Aren't they cornering lights?


----------



## svended (Oct 7, 2011)

A friend found this out last week, by his girlfriend. Had the car a year and he didn't know, she pointed out how to use the fog lights and that it had cruise control and how to use it. Saying that I didn't know either.


----------



## Natalie (Jan 19, 2011)

Didn't you get a manual with the car?


----------



## 182_Blue (Oct 25, 2005)

Dixondmn said:


> You don't have front fogs.


I might be confused here but he has said that he doesnt have front fogs?



Natalie said:


> Didn't you get a manual with the car?


I did wonder this 
:wave:


----------



## svended (Oct 7, 2011)

Natalie said:


> Didn't you get a manual with the car?


We don't do manuals. It's admitting defeat by reading one.


----------



## Dixondmn (Oct 12, 2007)

-R- said:


> I might be confused here but he has said that he doesnt have front fogs


ah, my bad, didn't read it properly.


----------



## Dixondmn (Oct 12, 2007)

I used to have a 59 plate Mk6, im sure you just pull the knob out.


----------



## VW Golf-Fan (Aug 3, 2010)

Dixondmn said:


> You don't have front fogs.


That's what I said.  I _could have_ had them but they were an extra cost.



Natalie said:


> Didn't you get a manual with the car?


I did but if you'd read the post properly you'd see I said that it doesn't state this clearly in the manual. 
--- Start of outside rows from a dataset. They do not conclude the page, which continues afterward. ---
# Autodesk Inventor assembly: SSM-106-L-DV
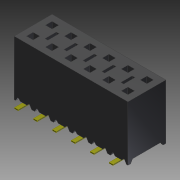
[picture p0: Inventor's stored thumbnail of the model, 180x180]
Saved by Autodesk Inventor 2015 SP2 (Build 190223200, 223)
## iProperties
Category: PARTsolutions
Company: SAMTEC
Created: 2015-08
Part Number: SSM-106-L-DV
Catalog Web Link: www.cadenas.de
Description: SSM Series-SSM Series - (2,54 mm) .100" Tiger Claw™ Surface Mount Socket
Vendor: SAMTEC
Document SubType Name: Assembly
Designer: PARTuser1
Manufacturer: SAMTEC
PSOL_IDENT_0: {$CADENAS_DATA\23d-libs\samtec\modelling\ssm\ssm_asmtab.prj},242 {VTYP=3D},{STYP=ASSTAB},{NB=SSM-106
PSOL_IDENT_1: -L-DV},{LINA=SSM-106-L-DV},{NN=SSM Series},{DATE=15.05.2015 12:28:12},{GEOMDATE=24.10.2014 06:52:24}
PSOL_IDENT_2: ,{VERSION=},{LINEID=10},{LINESUBID=-1},{WBVAR=POS,ROW,PLOPT,BEOPT,LCOPT,POLOPT,AOPT,POPT,MOPT,KOPT,T
PSOL_IDENT_3: ROPT}  {NB=SSM-106-L-DV},{LINA=SSM-106-L-DV},{KT=DUMMY},{PN=SSM-106-L-DV},{SERIES=SSM},{POS=6},{POSP
PSOL_IDENT_4: N=06},{ROW=-DV},{ROWALG= '-SV','-SV - Single Vertical','-SH','-SH - Single Horizontal','-DH','-DH -
PSOL_IDENT_5: Double Horizontal','-DV','-DV - Double Vertical' },{PLOPT=-L},{PLOPTALG= '-S','-S - 30micro\" Select
PSOL_IDENT_6: ive Gold in Contact Area, Matte Tin on Tail','-L','-L - 10micro\" Light Selective Gold in Contact Ar
PSOL_IDENT_7: ea, Matte Tin on Tail','-T','-T - Matte Tin Contact and Tail (Non-standard option -  Please contact
PSOL_IDENT_8: SAMTEC)','-F','-F - 3micro\" Flash Selective Gold Contact, Matte Tin on Tail','-H','-H - 30micro\" H
PSOL_IDENT_9: eavy Gold in Contact Area, 3micro\" on Tail (Non-standard option -  Please contact SAMTEC)','-STL','
PSOL_IDENT_10: -STL - 30micro\" Selective Gold in Contact Area, Tin/Lead (90/10+/-5%) Tail (Non-standard option -
PSOL_IDENT_11: Please contact SAMTEC)','-SM','-SM - 30micro\" Selective Gold in Contact Area, Matte Tin on Tail (No
PSOL_IDENT_12: n-standard option -  Please contact SAMTEC)','-LM','-LM - 10micro\" Light Selective Gold in Contact
PSOL_IDENT_13: Area, Matte Tin Tail (Non-standard option -  Please contact SAMTEC)','-TM','-TM - Matte Tin Contact
PSOL_IDENT_14: and tail (Non-standard option -  Please contact SAMTEC)','-FM','-FM - 3micro\" Flash Selective Gold
PSOL_IDENT_15: in Contact Area, Matte Tin Tail (Non-standard option -  Please contact SAMTEC)' },{BEOPT=},{BEOPTALG=
PSOL_IDENT_16: '','Not Selected','-BE','-BE - Bottom Entry' },{LCOPT=},{LCOPTALG= '','Not Selected','-LC','-LC Loc
PSOL_IDENT_17: king Clip' },{POLOPT=},{POLOPTALG= '','Not Selected','001','001','002','002','003','003','004','004'
PSOL_IDENT_18: ,'005','005','006','006','007','007','008','008','009','009','010','010','011','011','012','012' },{
PSOL_IDENT_19: POLOPTMAX=144},{POLOPTMAX2='001','001','002','002','003','003','004','004','005','005','006','006','
PSOL_IDENT_20: 007','007','008','008','009','009','010','010','011','011','012','012'},{POLOPTPN=},{POLARIZE='001','
PSOL_IDENT_21: 001','002','002','003','003','004','004','005','005','006','006','007','007','008','008','009','009'
PSOL_IDENT_22: ,'010','010','011','011','012','012','013','013','014','014','015','015','016','016','017','017','01
PSOL_IDENT_23: 8','018','019','019','020','020','021','021','022','022','023','023','024','024','025','025','026','
PSOL_IDENT_24: 026','027','027','028','028','029','029','030','030','031','031','032','032','033','033','034','034'
PSOL_IDENT_25: ,'035','035','036','036','037','037','038','038','039','039','040','040','041','041','042','042','04
PSOL_IDENT_26: 3','043','044','044','045','045','046','046','047','047','048','048','049','049','050','050','051','
PSOL_IDENT_27: 051','052','052','053','053','054','054','055','055','056','056','057','057','058','058','059','059'
PSOL_IDENT_28: ,'060','060','061','061','062','062','063','063','064','064','065','065','066','066','067','067','06
PSOL_IDENT_29: 8','068','069','069','070','070','071','071','072','072','073','073','074','074','075','075','076','
PSOL_IDENT_30: 076','077','077','078','078','079','079','080','080'},{AOPT=},{AOPTALG= '','Not Selected','-A','-A -
PSOL_IDENT_31: Alignment Pin (Non-standard option -  Please contact SAMTEC)' },{POPT=},{POPTALG= '','Not Selected'
PSOL_IDENT_32: ,'-P','-P - Pick & Place Pad' },{MOPT=},{MOPTALG= '','Not Selected','-M','-M - Metal Pick & Place Pa
PSOL_IDENT_33: d' },{KOPT=},{KOPTALG= '','Not Selected','-K','-K - Polyimide Film Pad' },{TROPT=},{TROPALG= '','Not
PSOL_IDENT_34: Selected','-TR','-TR - Tape & Reel'  },{PPATH=parts/ssm_asmtpl.prj}
NN: SSM Series
NT: SSM Series - (2,54 mm) .100" Tiger Claw™ Surface Mount Socket
NB: SSM-106-L-DV
NBSYN: $PN.
LINA: SSM-106-L-DV
PN: SSM-106-L-DV
SERIES: SSM
POS: 6
ROW: -DV - Double Vertical
PLOPT: -L - 10micro" Light Selective Gold in Contact Area, Matte Tin on Tail
BEOPT: Not Selected
LCOPT: Not Selected
POLOPT: Not Selected
AOPT: Not Selected
POPT: Not Selected
MOPT: Not Selected
KOPT: Not Selected
TROPT: Not Selected
SUPPLIER: SAMTEC
ARTICLENO: SSM-106-L-DV
BOMINFO: SSM-106-L-DV
CREATOR: CADENAS GmbH
Title: SSM-106-L-DV
Author: Cadenas PARTsolutions
Comments: SSM Series - (2,54 mm) .100" Tiger Claw™ Surface Mount Socket
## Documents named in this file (3)
- E:\Tigers SVN\mechanik\2016\Inventor\Kaufteile\SSM-106-L-DV\SSM-106-L-DV.iam
- E:\Tigers SVN\mechanik\2016\Inventor\Kaufteile\SSM-106-L-DV\SSM-106-L-DV_body.ipt
- E:\Tigers SVN\mechanik\2016\Inventor\Kaufteile\SSM-106-L-DV\C-137-016.ipt
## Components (2 placed, 2 different names)
1. SSM-106-L-DV_body:1
2. C-137-016:1
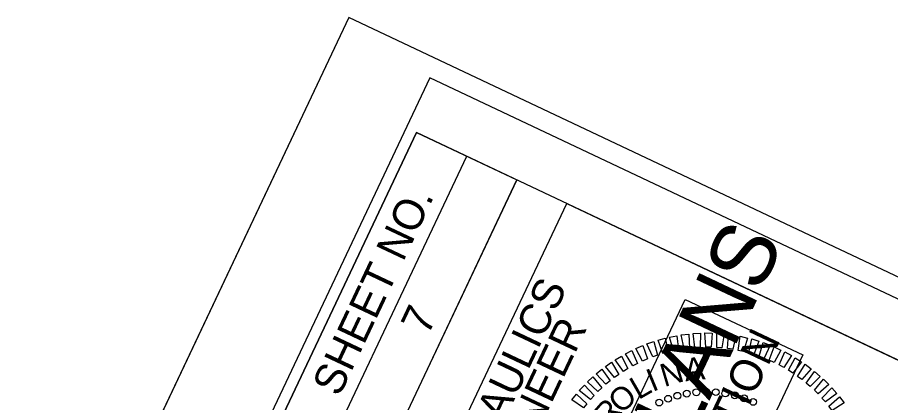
# Model space of a CAD drawing. Extents: x 556536 to 558250, y 505355 to 507347.
# Drawn here: x 557180.4 to 557377.9, y 507260 to 507347.2 of the extents above; entities that cross this region are included whole.
import ezdxf

# ---------------------------------------------------------------- set-up
doc = ezdxf.new("R2010")
doc.units = 0
for name, color, linetype in [('Prop Drainage Structure Box Number Symbol CELL', 7, 'Continuous'), ('Prop Drainage Structure Tops and Inverts LABEL', 7, 'Continuous'), ('Prop Earthen Structure Base Ditch Lateral Detail Label', 7, 'Continuous'), ('Prop Earthen Structure Base Ditch Lateral with Rip Rap Detail Label', 7, 'Continuous'), ('Prop Earthen Structure Berm Ditch Detail Label', 7, 'Continuous'), ('Prop Erosion Rip Rap Class B', 7, 'Continuous'), ('Prop Erosion Rip Rap Pad at Outlet CELL', 7, 'Continuous')]:
    doc.layers.add(name, color=color, linetype=linetype)

msp = doc.modelspace()

# ---------------------------------------------------------------- linework, layer by layer
at = {"layer": 'Prop Drainage Structure Box Number Symbol CELL'}
msp.add_lwpolyline([(557273.74, 507333.49), (556561.61, 505826.81), (557515.52, 505375.94), (558227.66, 506882.62)], close=True, dxfattribs=at)
at = {"layer": 'Prop Drainage Structure Tops and Inverts LABEL'}
msp.add_lwpolyline([(557279.52, 507104.69), (557252.96, 507117.24), (557331.48, 507283.37), (557358.04, 507270.82)], close=True, dxfattribs=at)
at = {"layer": 'Prop Earthen Structure Base Ditch Lateral Detail Label'}
msp.add_lwpolyline([(557255.37, 507347.15), (556535.75, 505824.65), (557530.26, 505354.59), (558249.88, 506877.09)], close=True, dxfattribs=at)
at = {"layer": 'Prop Earthen Structure Berm Ditch Detail Label'}
msp.add_line((557255.37, 507347.15), (556535.75, 505824.65), dxfattribs=at)
at = {"layer": 'Prop Erosion Rip Rap Class B'}
for p, q in [((557196.57, 507134.87), (557282.05, 507315.74)), ((557207.87, 507129.53), (557293.36, 507310.39)), ((557207.87, 507129.53), (557293.36, 507310.39))]:
    msp.add_line(p, q, dxfattribs=at)
for points in [[(557270.71, 507321.1), (556629.72, 505964.95), (557579.02, 505516.26), (558220.01, 506872.41)], [(557185.22, 507140.23), (557270.71, 507321.1), (557293.36, 507310.39), (557207.87, 507129.53)], [(557261.92, 507214.64), (557304.66, 507305.05), (557406.37, 507256.98), (557363.64, 507166.57)]]:
    msp.add_lwpolyline(points, close=True, dxfattribs=at)
at = {"layer": 'Prop Erosion Rip Rap Pad at Outlet CELL'}
for points in [[(557331.23, 507272.19), (557330.57, 507275.35), (557332.24, 507275.54), (557332.4, 507272.35)], [(557333.67, 507272.46), (557333.24, 507275.66), (557334.91, 507275.73), (557334.86, 507272.54)], [(557336.13, 507272.56), (557335.92, 507275.79), (557337.59, 507275.74), (557337.31, 507272.56)], [(557338.59, 507272.49), (557338.6, 507275.72), (557340.27, 507275.56), (557339.77, 507272.4)], [(557341.03, 507272.25), (557341.27, 507275.47), (557342.92, 507275.19), (557342.21, 507272.08)], [(557324.1, 507270.36), (557322.8, 507273.32), (557324.39, 507273.85), (557325.21, 507270.76)], [(557326.43, 507271.14), (557325.34, 507274.18), (557326.96, 507274.6), (557327.57, 507271.46)], [(557328.81, 507271.75), (557327.94, 507274.86), (557329.58, 507275.16), (557329.97, 507271.99)], [(557343.46, 507271.84), (557343.92, 507275.04), (557345.55, 507274.64), (557344.61, 507271.59)], [(557345.85, 507271.26), (557346.53, 507274.42), (557348.13, 507273.91), (557346.98, 507270.93)], [(557348.19, 507270.51), (557349.09, 507273.62), (557350.65, 507273), (557349.3, 507270.1)], [(557319.62, 507268.34), (557317.92, 507271.09), (557319.42, 507271.83), (557320.67, 507268.89)], [(557321.83, 507269.43), (557320.32, 507272.29), (557321.87, 507272.93), (557322.91, 507269.9)], [(557350.47, 507269.61), (557351.59, 507272.64), (557353.1, 507271.92), (557351.55, 507269.12)], [(557352.69, 507268.54), (557354.02, 507271.49), (557355.47, 507270.66), (557353.73, 507267.98)], [(557317.5, 507267.09), (557315.61, 507269.72), (557317.06, 507270.56), (557318.51, 507267.72)], [(557354.83, 507267.33), (557356.36, 507270.18), (557357.75, 507269.25), (557355.83, 507266.7)], [(557313.54, 507264.18), (557311.31, 507266.52), (557312.62, 507267.56), (557314.45, 507264.94)], [(557315.47, 507265.71), (557313.4, 507268.19), (557314.79, 507269.14), (557316.43, 507266.4)], [(557356.87, 507265.97), (557358.6, 507268.7), (557359.92, 507267.68), (557357.83, 507265.27)], [(557311.73, 507262.52), (557309.33, 507264.7), (557310.57, 507265.83), (557312.58, 507263.34)], [(557358.82, 507264.46), (557360.73, 507267.07), (557361.98, 507265.96), (557359.72, 507263.7)], [(557310.03, 507260.75), (557307.49, 507262.75), (557308.65, 507263.96), (557310.83, 507261.62)], [(557360.66, 507262.83), (557362.75, 507265.3), (557363.92, 507264.1), (557361.5, 507262.01)], [(557308.46, 507258.85), (557305.79, 507260.67), (557306.86, 507261.96), (557309.2, 507259.78)], [(557362.38, 507261.07), (557364.63, 507263.39), (557365.72, 507262.11), (557363.16, 507260.19)], [(557363.97, 507259.2), (557366.38, 507261.35), (557367.37, 507260.01), (557364.69, 507258.26)]]:
    msp.add_lwpolyline(points, close=True, dxfattribs=at)
for centre in [(557327.59, 507260.89), (557329.68, 507261.57), (557331.82, 507262.06), (557333.99, 507262.36), (557336.18, 507262.47), (557338.37, 507262.39), (557340.54, 507262.12), (557342.69, 507261.66), (557344.78, 507261.01), (557325.57, 507260.04), (557346.81, 507260.19)]:
    msp.add_circle(centre, 0.777, dxfattribs=at)

# ---------------------------------------------------------------- texts
at = {"layer": 'Prop Drainage Structure Tops and Inverts LABEL'}
for s, height, p in [('INCOMPLETE PLANS', 14.4, (557271.07, 507121.08)), ('DO NOT USE FOR R/W ACQUISITION', 7.2, (557280.66, 507121.04))]:
    msp.add_text(s, height=height, rotation=64.7021, dxfattribs=at).set_placement(p)
at = {"layer": 'Prop Earthen Structure Base Ditch Lateral with Rip Rap Detail Label'}
msp.add_text('7', height=7, rotation=64.7021, dxfattribs=at).set_placement((557273.25, 507274.99))
at = {"layer": 'Prop Erosion Rip Rap Class B'}
for s, p in [('SHEET NO.', (557253.2, 507261.12)), ('HYDRAULICS', (557279.05, 507231.45)), ('ENGINEER', (557288.48, 507232.81))]:
    msp.add_text(s, height=7, rotation=64.7021, dxfattribs=at).set_placement(p)
at = {"layer": 'Prop Erosion Rip Rap Pad at Outlet CELL'}
for s, rotation, p in [('N', 16.469, (557326.72, 507263.53)), ('A', 6.2586, (557331.51, 507264.83)), ('I', 22.4089, (557324.06, 507262.4)), ('L', 29.8741, (557320.91, 507260.59)), ('O', 40.5993, (557316.85, 507257.31)), ('R', 48.8079, (557314.2, 507254.32))]:
    msp.add_text(s, height=5.18, rotation=rotation, dxfattribs=at).set_placement(p)

doc.saveas('drawing.dxf')
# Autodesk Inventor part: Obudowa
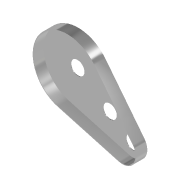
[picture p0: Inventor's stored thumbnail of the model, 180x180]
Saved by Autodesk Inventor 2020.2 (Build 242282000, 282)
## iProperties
Created: 2014-01
Part Number: Obudowa
Material: Ogólny
Document SubType Name: Modeling
Designer: F.Stasiak
Density: 1 g/cm^3
Appearance: Chrom - polerowany
Manager: www.cadconsulting.pl
Company: Fabian Stasiak CAD Consulting
Author: F.Stasiak
Subject: Zbiór ćwiczeń. Autodesk Inventor 2020. Kurs podstawowy
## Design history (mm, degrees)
sketch "Szkic1"
  geometry: L1 (28.833, 66.572)-(205.183, 17.529); L2 (134.254, 224.703)-(247.351, 80.781); C1 r 15 at (55.627, 162.916) reference; C2 r 15 at (149.336, 100.442) reference; C3 r 15 at (215.9, 56.066) reference; C4 r 20 at (55.627, 162.916); C5 r 20 at (215.9, 56.066); A1 r 100 centre (55.627, 162.916) between (134.254, 224.703) and (28.833, 66.572); A2 r 40 centre (215.9, 56.066) between (205.183, 17.529) and (247.351, 80.781); A3 r 100 centre (55.627, 162.916) between (146.029, 120.167) and (134.254, 224.703); A4 r 100 centre (55.627, 162.916) between (28.833, 66.572) and (146.029, 120.167); A5 r 40 centre (215.9, 56.066) between (247.351, 80.781) and (205.183, 17.529); 1 further point
  constraints: 10 point on circle, 7 centre point, 6 tangent, 4 end point, 2 coincident, 5 other
  dimensions: "d0" = 40 diameter of C4; "d1" = 200 diameter of A1; "d2" = 80 diameter of A2
extrude "Wyciągnięcie proste1" new body sketch "Szkic1" distance "d3" = 32; taper "d4" = 0 deg
feature "Skorupa1" dims "d5" = 2
node "Bryła1"
node "Odniesienie1"
node "Odniesienie2"
node "Odniesienie3"

Thanks to all the non wallys who provided decent & constructive answers, I tried pulling the knob out today & it worked!! :thumb:


----------



## Natalie (Jan 19, 2011)

VW Golf-Fan said:


> I did but if you'd read the post properly you'd see I said that it doesn't state this clearly in the manual.


Was only messing hence the 










Just to add the above is meant in jest :thumb:


----------



## SteveTDCi (Feb 8, 2006)

Glad you got it sorted, just don't go pulling ya knob too often.

Is there anything else we can teach you about the golf ?


----------



## VW Golf-Fan (Aug 3, 2010)

SteveTDCi said:


> Glad you got it sorted, just don't go pulling ya knob too often.
> 
> Is there anything else we can teach you about the golf ?


:lol: :lol:

Nah, think everything else is pretty much understood regarding the Golf!


----------



## SteveTDCi (Feb 8, 2006)

You would have thought that the fog light switch was self explanatory  I did think of you a few weeks ago when I went to a fleet day with the local dealer and saw near on 500 vw's all parked up, still the blast up the runway in an r8 soon are me forget


----------